Thanks for the tip! Thought I'd have to send my brand new P238 to SIG but this procedure worked perfectly!



Bald1 said:


> Here's a good DIY troubleshooting "fix" for this problem. The ejector isn' broken and can readily be placed back into its proper position:
> 
> Colt Mustang Plus II Troubleshooting


----------



## EliWolfe (Nov 20, 2010)

The Gipper said:


> Thanks for the tip! Thought I'd have to send my brand new P238 to SIG but this procedure worked perfectly!


I continue to be impressed by the depth of knowledge available on this site. Straight shooters indeed!
Eli


----------



## copyoftheoriginal (Nov 13, 2009)

*me too, what a dummy*

Yes, I broke mine too. I'd only had it home ten minutes. Afterwords I noticed the big orange piece of paper that said don't do what you just did.
Sig fixed within a week and shipped it back.
You can't fix stupid.


----------



## Sig123 (Jul 14, 2012)

If you made it this far your ejector is stuck.

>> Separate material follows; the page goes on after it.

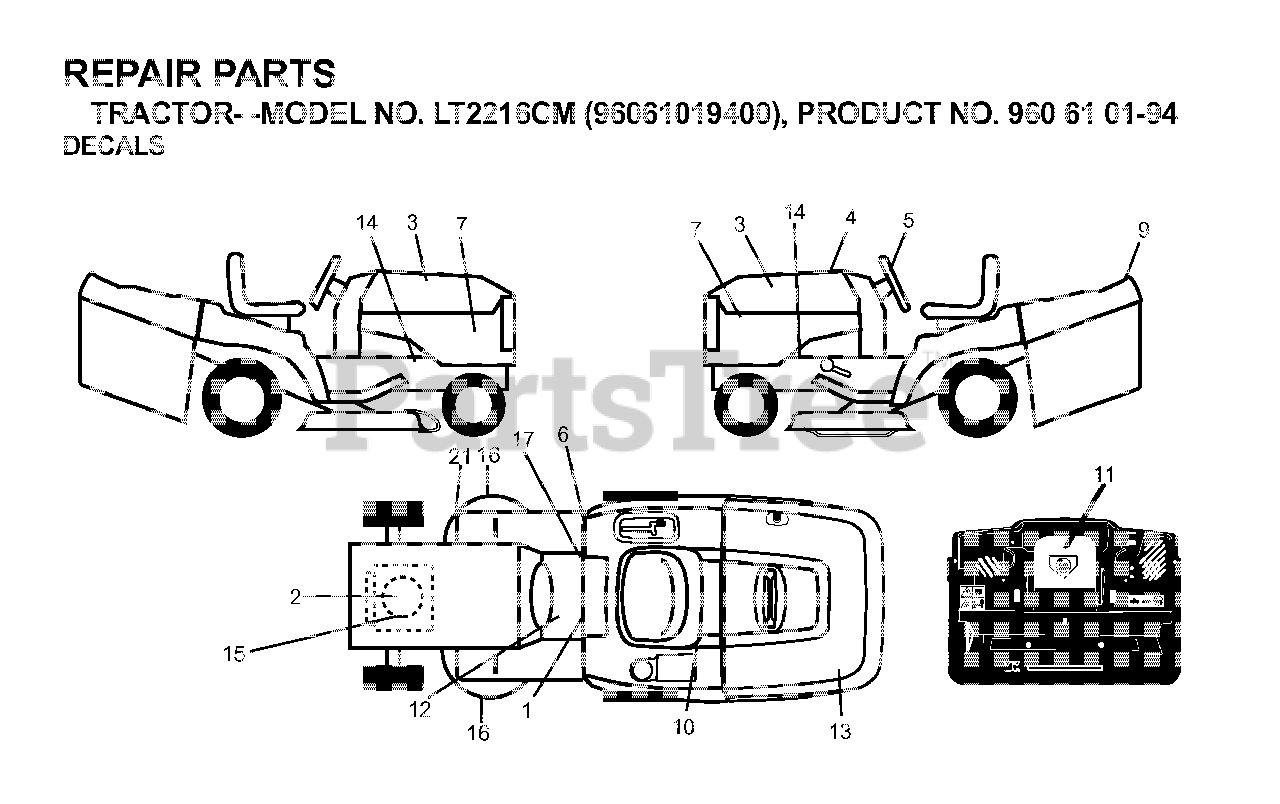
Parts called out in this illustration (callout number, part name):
8	DECAL FENDER
10	DECAL BTRY SYMBOLS
11	DECAL.INTERNATIONL.CUTFINGER
17	DECAL PARK BRAKE

Watch this video ( colt mustang II trouble shooting via YouTube )and instead of taking the grip off use a tool (i use a butter knife when this happens to me) to depress the shear while gun is turned over (depress the same side of the shear as the ejector) gaining access through where the clip goes. The first time took me a couple minutes, now it only takes me seconds. Hope this helps.


----------



## chazzman (Oct 30, 2006)

I read the owners manual before I took mine down for cleaning, it is written in big red letters to be very careful to only push the spring enough for the slide to come back. I have a couple hundred rounds and so far so good. I do have a problem with two Sig magazines not feeding properly.


----------